----- Original Message -----
From: "Andy Clark" <[EMAIL PROTECTED]>
To: <[EMAIL PROTECTED]>
Sent: Monday, July 02, 2001 11:42 PM
Subject: [Xerces2] Design Decisions (LONG)
> This list is eerily quiet these days in regards to Xerces2
> design and development. Hmmm... Well, I'm going to raise a
> few more design points and then make some unilateral
> decisions unless there's some discussion or objections.
>
> [1] DTD Handler Interfaces
>
> We've had some discussion but no resolution on what is to
> become of the XMLDTDHandler and XMLDTDContentModelHandler
> interfaces. Obviously the right balance of information and
> usefulness is beyond our reach.
>
> I'm now leaning towards Glenn's earlier suggestion that we
> can provide DTD information needed to DTD editor writers
> (arguably a very small percentage of the parser user base)
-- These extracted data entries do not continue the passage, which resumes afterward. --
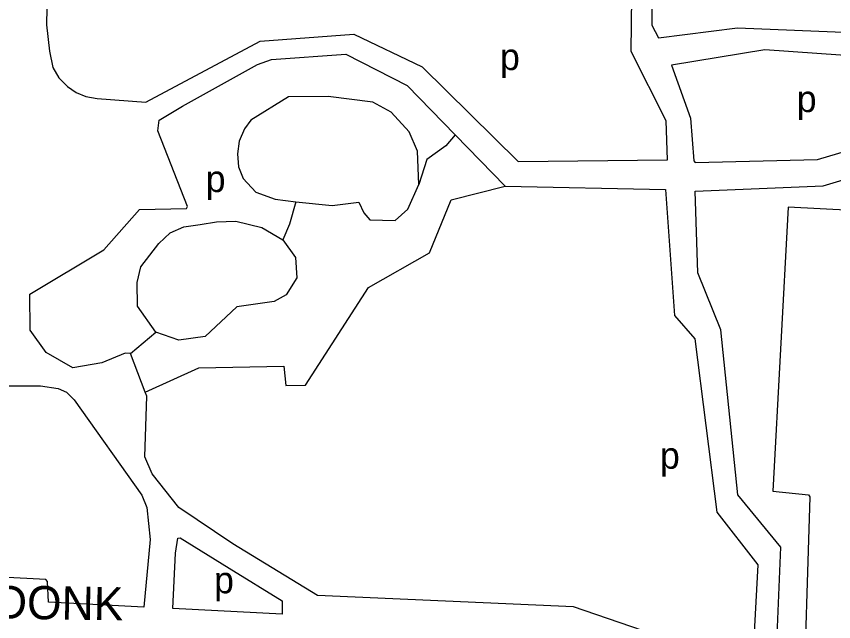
# Model space of a CAD drawing. Extents: x 163026 to 166241, y 382475 to 384501.
# Drawn here: x 164462 to 164584.9, y 383904.4 to 383995.6 of the extents above; entities that cross this region are included whole.
import ezdxf

# ---------------------------------------------------------------- set-up
doc = ezdxf.new("R2010")
doc.units = 0
for name, color, linetype in [('BLT_Basislijn', 7, 'Continuous'), ('BLT_Centroide', 7, 'Continuous'), ('BLT_Straatnaam', 7, 'Continuous')]:
    doc.layers.add(name, color=color, linetype=linetype)

msp = doc.modelspace()

# ---------------------------------------------------------------- linework, layer by layer
at = {"layer": 'BLT_Basislijn'}
for p, q in [((164520.75, 383985.15), (164527.98, 383977.74)), ((164527.98, 383977.74), (164526.6, 383976.08)), ((164526.6, 383976.08), (164523.71, 383974.02)), ((164523.71, 383974.02), (164522.52, 383970.23)), ((164504, 383967.62), (164503.06, 383964.25)), ((164503.06, 383964.25), (164502.07, 383961.91)), ((164479.15, 383944.79), (164482.96, 383947.99))]:
    msp.add_line(p, q, dxfattribs=at)
for points in [[(164557.59, 383999.74), (164557.57, 383994.23), (164558.56, 383992.32), (164570.47, 383993.86), (164610.91, 383992.2), (164643.66, 383994.77), (164656.95, 384001.87), (164662.56, 384003.09), (164663.35, 384004.36), (164662.59, 384014.31), (164652.96, 384015.07)], [(164470.09, 384013.19), (164463.3, 384010.39), (164463.34, 384009.72), (164466.71, 384004.56), (164466.48, 383994.31), (164466.93, 383990.34), (164467.42, 383987.85), (164468.35, 383986.33), (164469.66, 383984.98), (164470.93, 383984.12), (164472.41, 383983.5), (164474.13, 383983.21), (164481.45, 383982.64), (164498.65, 383991.84), (164512.73, 383992.88), (164523.03, 383987.94), (164537.46, 383973.71), (164559.91, 383973.98), (164559.75, 383979.81), (164554.48, 383990.27), (164554.57, 383998.62)], [(164582.4, 383989.97), (164574.59, 383990.52), (164560.51, 383988.23), (164563.39, 383980.24), (164563.87, 383973.83), (164564.09, 383973.58), (164582.48, 383974.02), (164594.33, 383977.53), (164604.3, 383986.65), (164604.3, 383987.06), (164603.02, 383988.53), (164582.4, 383989.97)], [(164487.56, 383966.65), (164487.71, 383966.92), (164483.25, 383978.33), (164483.45, 383979.93), (164486.95, 383982.02), (164498.25, 383988.3), (164500.34, 383989.09), (164511.55, 383989.85), (164520.75, 383985.15)], [(164508.89, 383983.5), (164502.88, 383983.43), (164497.21, 383979.92), (164496.26, 383978.65), (164495.46, 383976.78), (164495.22, 383974.87), (164495.4, 383972.93), (164496.1, 383971.14), (164498.01, 383969.09), (164500.88, 383968.02), (164504, 383967.62)], [(164522.52, 383970.23), (164522.33, 383975.24), (164521.05, 383978.19), (164518.34, 383981.13), (164515.6, 383982.63), (164508.89, 383983.5)], [(164527.98, 383977.74), (164535.52, 383970)], [(164582.29, 383868.85), (164577.21, 383869.04), (164575.13, 383871.08), (164576.98, 383915.64), (164570.51, 383923.51), (164567.96, 383948.37), (164564.49, 383956.94), (164564.09, 383969.26), (164583.36, 383970.04), (164598.4, 383974.57), (164606.16, 383969.43), (164611.03, 383968.95), (164610.75, 383965.24)], [(164504, 383967.62), (164509.48, 383967.1), (164513.5, 383967.61), (164514.26, 383965.97), (164515.14, 383964.91), (164518.96, 383964.83), (164520.86, 383966.54), (164522.52, 383970.23)], [(164535.52, 383970), (164559.63, 383969.49), (164560.98, 383950.52), (164564.04, 383947), (164567.37, 383920.9), (164573.54, 383912.99), (164572.43, 383892.56), (164571.98, 383892.52), (164556.17, 383903.07), (164545.81, 383906.67), (164507.25, 383908.37), (164494.55, 383916.12), (164486.38, 383921.6), (164482.39, 383926.7), (164481.28, 383929.25), (164481.56, 383938.35), (164481.34, 383939)], [(164481.34, 383939), (164489.4, 383942.63), (164502.18, 383942.88), (164502.48, 383939.96), (164505.47, 383940.04), (164514.96, 383954.74), (164524.14, 383959.94), (164527.39, 383967.94), (164535.52, 383970)], [(164481.34, 383939), (164479.15, 383944.79), (164478.33, 383944.83), (164474.81, 383943.39), (164470.44, 383942.63), (164466.46, 383944.93), (164464.02, 383948.29), (164463.97, 383953.72), (164475.12, 383960.42), (164480.48, 383966.47), (164487.56, 383966.65)], [(164587.71, 383966.34), (164578.1, 383966.85), (164575.8, 383924.07), (164581.13, 383923.51), (164581.36, 383923.22), (164580.27, 383889.28), (164582.96, 383888.9), (164582.29, 383868.85)], [(164482.96, 383947.99), (164480.16, 383951.94), (164480.14, 383955.5), (164480.7, 383957.87), (164483.38, 383961.36), (164485.1, 383962.97), (164487.17, 383963.88), (164489.62, 383964.24)], [(164489.62, 383964.24), (164492.06, 383964.61)], [(164492.06, 383964.61), (164494.98, 383964.71), (164498.87, 383963.78), (164502.07, 383961.91)], [(164502.07, 383961.91), (164503.97, 383959.27), (164504.17, 383956.18), (164502.57, 383953.63), (164500.72, 383952.61), (164495.14, 383951.81), (164490.36, 383947.35), (164486.38, 383946.78), (164482.96, 383947.99)], [(164418.48, 383908.88), (164418.62, 383909.75), (164420.6, 383913.42), (164422.27, 383919.02), (164422.36, 383931), (164423.75, 383933.2), (164424.71, 383934.03), (164430.28, 383934.72), (164441.12, 383930.11), (164443.57, 383930.16), (164445.22, 383931.07), (164457.06, 383939.92), (164465.56, 383939.92), (164468.25, 383939.55), (164469.48, 383938.97), (164470.66, 383937.84), (164480.82, 383923.46), (164481.6, 383921.6), (164482.11, 383916.79), (164481.12, 383906.62)], [(164493.97, 383912.48), (164501.93, 383907.54), (164501.97, 383905.54), (164485.5, 383906.42), (164485.9, 383914.71), (164486.26, 383916.98), (164486.58, 383917.06), (164493.97, 383912.48)], [(164481.12, 383906.62), (164466.77, 383907.37), (164466.63, 383910.49), (164466.37, 383910.76), (164440.39, 383912.11), (164437.77, 383912.2), (164437.52, 383911.81), (164437.23, 383907.89), (164418.48, 383908.88)]]:
    msp.add_lwpolyline(points, dxfattribs=at)

# ---------------------------------------------------------------- texts
at = {"layer": 'BLT_Centroide'}
for p in [(164534.73, 383987.48), (164579.38, 383981.15), (164490.45, 383969.11), (164558.8, 383927.45), (164491.71, 383908.69)]:
    msp.add_text('p', height=4, dxfattribs=at).set_placement(p)
at = {"layer": 'BLT_Straatnaam'}
msp.add_text('DONK', height=5, rotation=359.1402, dxfattribs=at).set_placement((164458.7, 383904.89))

doc.saveas('drawing.dxf')

> via the SAX xml-string property. I'm not suggesting that
> we *will* implement this before rolling out Xerces2, merely
> that we *can* support communicating more information in
> the future through this (or a similar) mechanism.
>
> I'm still torn between 1 and 2 interfaces so I'm gonna
> stay with 2 separate interfaces. However, I would make
> the following changes to the XMLDTDContentModelHandler
> interface, in an attempt to provide a better callback
> interleaving with start/endEntity.
>
> public interface XMLDTDContentModelHandler {
>
> public static final short OCCURS_ZERO_OR_MORE = 0;
> public static final short OCCURS_ZERO_OR_ONE = 1;
> public static final short OCCURS_ONE_OR_MORE = 2;
>
> public static final short SEPARATOR_CHOICE = 3;
> public static final short SEPARATOR_SEQUENCE = 4;
>
> public void startContentModel(String elementName) // *
> throws XNIException;
>
> public void any() throws XNIException; // +
> public void empty() throws XNIException; // +
>
> public void startGroup() throws XNIException; // rename
> public void pcdata() throws XNIException; // +
> public void element(String name) throws XNIException; // rename
> public void occurs(short occurs) throws XNIException; // rename
> public void separator(short separator) throws XNIException; //
> rename
> public void endGroup() throws XNIException; // rename
>
> public void endContentModel() throws XNIException;
>
> } // interface XMLDTDContentModelHandler
-0 I still think that editor writing is out of the scope of the parser, but
I
may be the only one who thinks this.
> [2] Pass Base URI to startEntity Callback
>
> In the continuing effort to pass as much information via
> XNI as possible, I would suggest passing the base systemId
> when calling the startEntity method in all of the handlers
> that define this method.
>
> Therefore, the method would have the following prototype:
>
> public void startEntity(String name,
> String publicId, String systemId,
> String baseSystemId, // +
> String detectedEncoding)
> throws XNIException;
>
> For convenience, would it be useful to also pass the
> expanded systemId as well
We should only pass the expanded systemId if there's no way to construct
it from the rest of the data -- which there is in this case.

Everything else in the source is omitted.